Task to carry out »
For each line below that holds "linetype", return the line as it stands.

Stored items »
* * *
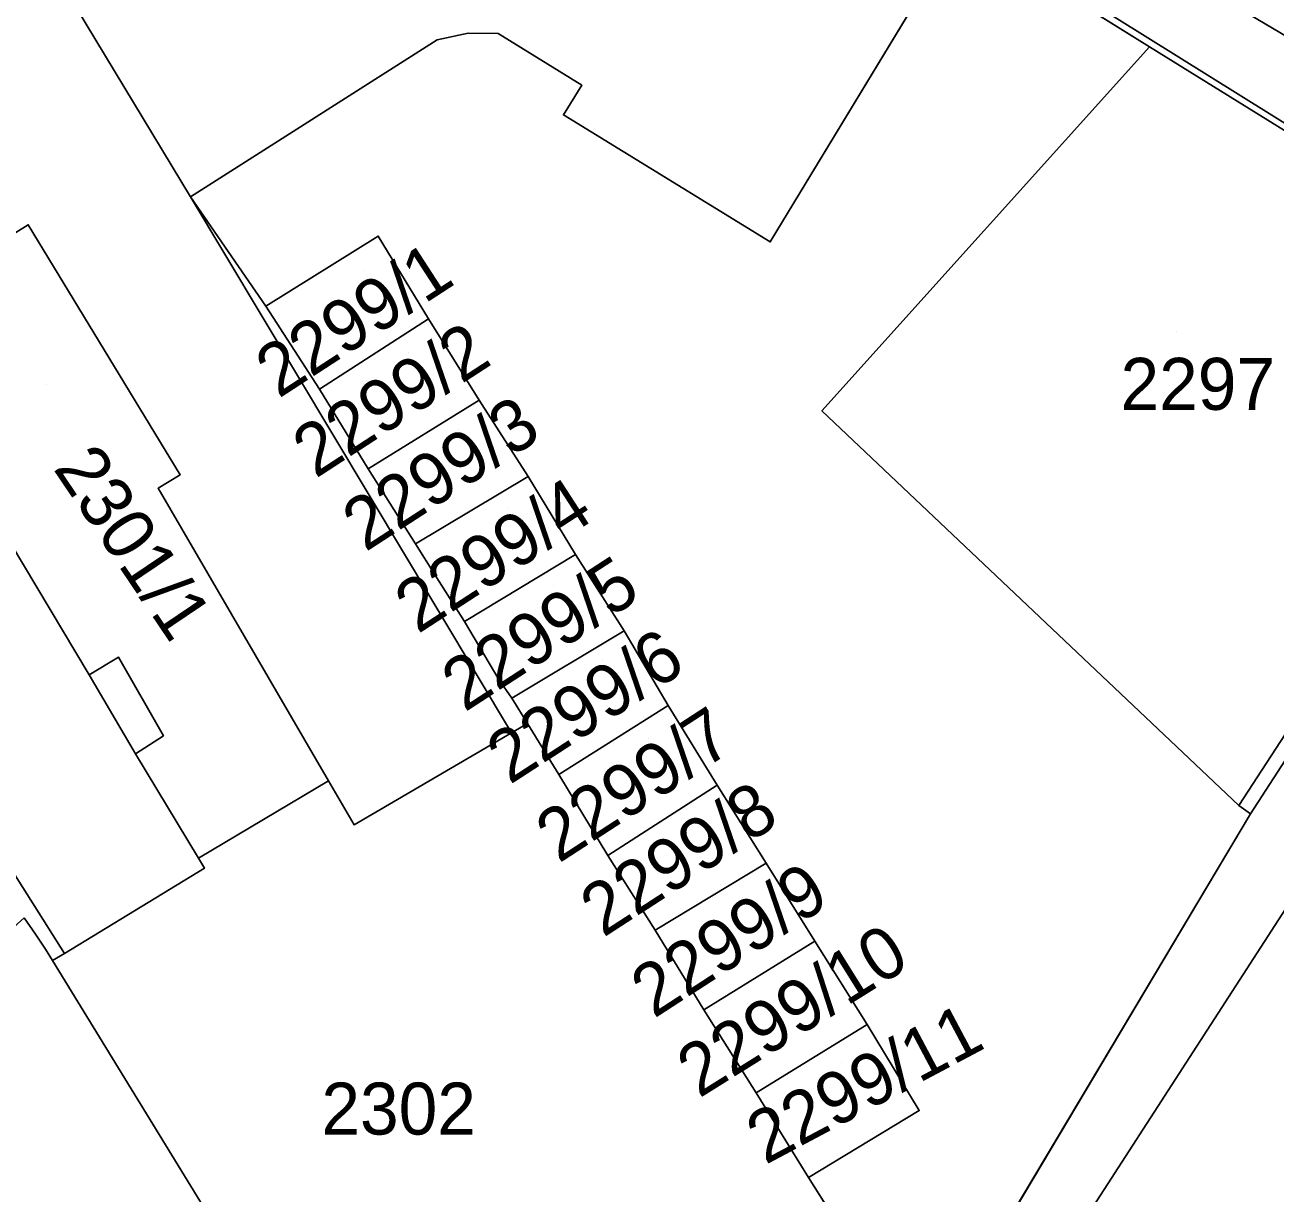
# Model space of a CAD drawing. Extents: x -263423 to -261326, y -1240067 to -1237864.
# Drawn here: x -262541.05 to -262492.94, y -1238903.48 to -1238858.49 of the extents above; entities that cross this region are included whole.
import ezdxf

# ---------------------------------------------------------------- set-up
doc = ezdxf.new("R2010")
doc.units = 0
for name, color, linetype in [('body_kn', 7, 'Continuous'), ('kladpar_druhypozemkov', 7, 'Continuous'), ('kladpar_hranice', 7, 'Continuous'), ('kladpar_parcelnecisla', 7, 'Continuous'), ('kladpar_plochy', 7, 'Continuous'), ('zappar_hrandruhpozemk', 7, 'Continuous')]:
    doc.layers.add(name, color=color, linetype=linetype)

msp = doc.modelspace()

# ---------------------------------------------------------------- linework, layer by layer
at = {"layer": 'body_kn'}
for p, q in [((-262525.19, -1238859.06), (-262525.19, -1238859.06)), ((-262523.99, -1238858.81), (-262523.99, -1238858.81)), ((-262522.84, -1238858.82), (-262522.84, -1238858.82)), ((-262497.77, -1238859.33), (-262497.77, -1238859.33)), ((-262519.62, -1238860.81), (-262519.62, -1238860.81)), ((-262520.33, -1238861.95), (-262520.33, -1238861.95)), ((-262534.68, -1238865.1), (-262534.68, -1238865.1)), ((-262534.68, -1238865.1), (-262534.68, -1238865.1)), ((-262540.93, -1238866.18), (-262540.93, -1238866.18)), ((-262540.93, -1238866.18), (-262540.93, -1238866.18)), ((-262527.46, -1238866.61), (-262527.46, -1238866.61)), ((-262527.46, -1238866.61), (-262527.46, -1238866.61)), ((-262512.37, -1238866.84), (-262512.37, -1238866.84)), ((-262531.79, -1238869.31), (-262531.79, -1238869.31)), ((-262525.52, -1238869.8), (-262525.52, -1238869.8)), ((-262525.52, -1238869.8), (-262525.52, -1238869.8)), ((-262529.72, -1238872.51), (-262529.72, -1238872.51)), ((-262523.57, -1238872.93), (-262523.57, -1238872.93)), ((-262523.57, -1238872.93), (-262523.57, -1238872.93)), ((-262510.38, -1238873.34), (-262510.38, -1238873.34)), ((-262535.08, -1238875.8), (-262535.08, -1238875.8)), ((-262527.84, -1238875.57), (-262527.84, -1238875.57)), ((-262521.69, -1238875.87), (-262521.69, -1238875.87)), ((-262521.69, -1238875.87), (-262521.69, -1238875.87)), ((-262535.93, -1238876.32), (-262535.93, -1238876.32)), ((-262526.02, -1238878.45), (-262526.02, -1238878.45)), ((-262519.87, -1238878.87), (-262519.87, -1238878.87)), ((-262519.87, -1238878.87), (-262519.87, -1238878.87)), ((-262525.27, -1238879.66), (-262525.27, -1238879.66)), ((-262524.14, -1238881.45), (-262524.14, -1238881.45)), ((-262517.99, -1238881.81), (-262517.99, -1238881.81)), ((-262517.99, -1238881.81), (-262517.99, -1238881.81)), ((-262537.45, -1238882.82), (-262537.45, -1238882.82)), ((-262538.59, -1238883.5), (-262538.59, -1238883.5)), ((-262538.59, -1238883.5), (-262538.59, -1238883.5)), ((-262522.82, -1238883.68), (-262522.82, -1238883.68)), ((-262522.32, -1238884.39), (-262522.32, -1238884.39)), ((-262516.3, -1238884.68), (-262516.3, -1238884.68)), ((-262516.3, -1238884.68), (-262516.3, -1238884.68)), ((-262521.71, -1238885.37), (-262521.71, -1238885.37)), ((-262521.71, -1238885.37), (-262521.71, -1238885.37)), ((-262535.73, -1238885.84), (-262535.73, -1238885.84)), ((-262522.33, -1238885.73), (-262522.33, -1238885.73)), ((-262536.8, -1238886.54), (-262536.8, -1238886.54)), ((-262529.37, -1238887.58), (-262529.37, -1238887.58)), ((-262520.5, -1238887.33), (-262520.5, -1238887.33)), ((-262514.41, -1238887.75), (-262514.41, -1238887.75)), ((-262514.41, -1238887.75), (-262514.41, -1238887.75)), ((-262494.33, -1238888.53), (-262494.33, -1238888.53)), ((-262493.88, -1238888.85), (-262493.88, -1238888.85)), ((-262528.39, -1238889.27), (-262528.39, -1238889.27)), ((-262518.62, -1238890.45), (-262518.62, -1238890.45)), ((-262534.38, -1238890.55), (-262534.38, -1238890.55)), ((-262534.15, -1238890.94), (-262534.15, -1238890.94)), ((-262512.53, -1238890.75), (-262512.53, -1238890.75)), ((-262512.53, -1238890.75), (-262512.53, -1238890.75)), ((-262516.8, -1238893.33), (-262516.8, -1238893.33)), ((-262540.65, -1238893.48), (-262540.65, -1238893.48)), ((-262510.65, -1238893.75), (-262510.65, -1238893.75)), ((-262510.65, -1238893.75), (-262510.65, -1238893.75)), ((-262540.27, -1238894.06), (-262540.27, -1238894.06)), ((-262539.54, -1238894.22), (-262539.54, -1238894.22)), ((-262540, -1238894.49), (-262540, -1238894.49)), ((-262514.92, -1238896.39), (-262514.92, -1238896.39)), ((-262508.64, -1238896.95), (-262508.64, -1238896.95)), ((-262508.64, -1238896.95), (-262508.64, -1238896.95)), ((-262512.91, -1238899.59), (-262512.91, -1238899.59)), ((-262506.63, -1238900.27), (-262506.63, -1238900.27)), ((-262510.9, -1238902.84), (-262510.9, -1238902.84))]:
    msp.add_line(p, q, dxfattribs=at)
at = {"layer": 'kladpar_druhypozemkov'}
for p, q in [((-262528.04, -1238867.94), (-262528.04, -1238867.94)), ((-262496.73, -1238870.3), (-262496.73, -1238870.3)), ((-262526.3, -1238871.1), (-262526.3, -1238871.1)), ((-262540.24, -1238872.33), (-262540.24, -1238872.33)), ((-262524.35, -1238874.07), (-262524.35, -1238874.07)), ((-262522.5, -1238877.07), (-262522.5, -1238877.07)), ((-262520.7, -1238880.05), (-262520.7, -1238880.05)), ((-262518.81, -1238882.91), (-262518.81, -1238882.91)), ((-262517.05, -1238885.95), (-262517.05, -1238885.95)), ((-262515.27, -1238888.99), (-262515.27, -1238888.99)), ((-262513.45, -1238892.05), (-262513.45, -1238892.05)), ((-262511.84, -1238895.28), (-262511.84, -1238895.28)), ((-262509.61, -1238898.4), (-262509.61, -1238898.4)), ((-262526.63, -1238899.09), (-262526.63, -1238899.09))]:
    msp.add_line(p, q, dxfattribs=at)
at = {"layer": 'kladpar_hranice'}
for points in [[(-262390.84, -1238926.42), (-262389.57, -1238924.59), (-262399.05, -1238920.02), (-262399.2, -1238920.34), (-262401.05, -1238919.31), (-262400.9, -1238918.93), (-262405.73, -1238915.64), (-262405.87, -1238915.76), (-262413.56, -1238911.25), (-262413.7, -1238911.37), (-262418.68, -1238908.41), (-262432.16, -1238900.44), (-262464.67, -1238879.72), (-262478.54, -1238871.02), (-262499.13, -1238858.17), (-262501.29, -1238856.82), (-262503.97, -1238855.12), (-262522.2, -1238843.54)], [(-262526.13, -1238847.09), (-262523.21, -1238846.92), (-262522.76, -1238846.54), (-262522.19, -1238846.48), (-262520.67, -1238847.32), (-262506.27, -1238856.77), (-262512.37, -1238866.84), (-262520.33, -1238861.95), (-262519.62, -1238860.81), (-262522.84, -1238858.82), (-262523.99, -1238858.81), (-262525.19, -1238859.06), (-262534.68, -1238865.1), (-262540.89, -1238854.82), (-262526.94, -1238846.26), (-262526.13, -1238847.09)], [(-262541.72, -1238854.43), (-262540.89, -1238854.82), (-262534.68, -1238865.1), (-262531.79, -1238869.31), (-262529.72, -1238872.51), (-262527.84, -1238875.57), (-262526.02, -1238878.45), (-262525.27, -1238879.66), (-262524.14, -1238881.45), (-262522.82, -1238883.68), (-262522.32, -1238884.39), (-262521.71, -1238885.37), (-262522.33, -1238885.73), (-262528.39, -1238889.27), (-262529.37, -1238887.58), (-262535.93, -1238876.32), (-262535.08, -1238875.8), (-262540.93, -1238866.18), (-262544.64, -1238868.47)], [(-262506.44, -1238909.87), (-262510.9, -1238902.84), (-262506.63, -1238900.27), (-262508.64, -1238896.95), (-262510.65, -1238893.75), (-262512.53, -1238890.75), (-262514.41, -1238887.75), (-262516.3, -1238884.68), (-262517.99, -1238881.81), (-262519.87, -1238878.87), (-262521.69, -1238875.87), (-262523.57, -1238872.93), (-262525.52, -1238869.8), (-262527.46, -1238866.61), (-262531.79, -1238869.31), (-262534.68, -1238865.1), (-262525.19, -1238859.06), (-262523.99, -1238858.81), (-262522.84, -1238858.82), (-262519.62, -1238860.81), (-262520.33, -1238861.95), (-262512.37, -1238866.84), (-262506.27, -1238856.77)], [(-262501.49, -1238857.01), (-262497.77, -1238859.33), (-262510.38, -1238873.34), (-262494.33, -1238888.53), (-262493.88, -1238888.85), (-262503.81, -1238905.5)], [(-262481.37, -1238869.54), (-262481.81, -1238869.22), (-262497.77, -1238859.33), (-262501.49, -1238857.01)], [(-262501.29, -1238856.82), (-262499.13, -1238858.17), (-262478.54, -1238871.02), (-262464.67, -1238879.72), (-262432.16, -1238900.44), (-262418.68, -1238908.41), (-262413.7, -1238911.37), (-262413.56, -1238911.25), (-262405.87, -1238915.76), (-262405.73, -1238915.64), (-262400.9, -1238918.93), (-262401.05, -1238919.31), (-262399.2, -1238920.34), (-262399.05, -1238920.02), (-262389.57, -1238924.59), (-262390.84, -1238926.42)], [(-262481.81, -1238869.22), (-262481.37, -1238869.54), (-262493.88, -1238888.85), (-262494.33, -1238888.53), (-262510.38, -1238873.34), (-262497.77, -1238859.33), (-262481.81, -1238869.22)], [(-262540.93, -1238866.18), (-262535.08, -1238875.8), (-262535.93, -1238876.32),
* * *
Task response »
for name, color, linetype in [('body_kn', 7, 'Continuous'), ('kladpar_druhypozemkov', 7, 'Continuous'), ('kladpar_hranice', 7, 'Continuous'), ('kladpar_parcelnecisla', 7, 'Continuous'), ('kladpar_plochy', 7, 'Continuous'), ('zappar_hrandruhpozemk', 7, 'Continuous')]:
    doc.layers.add(name, color=color, linetype=linetype)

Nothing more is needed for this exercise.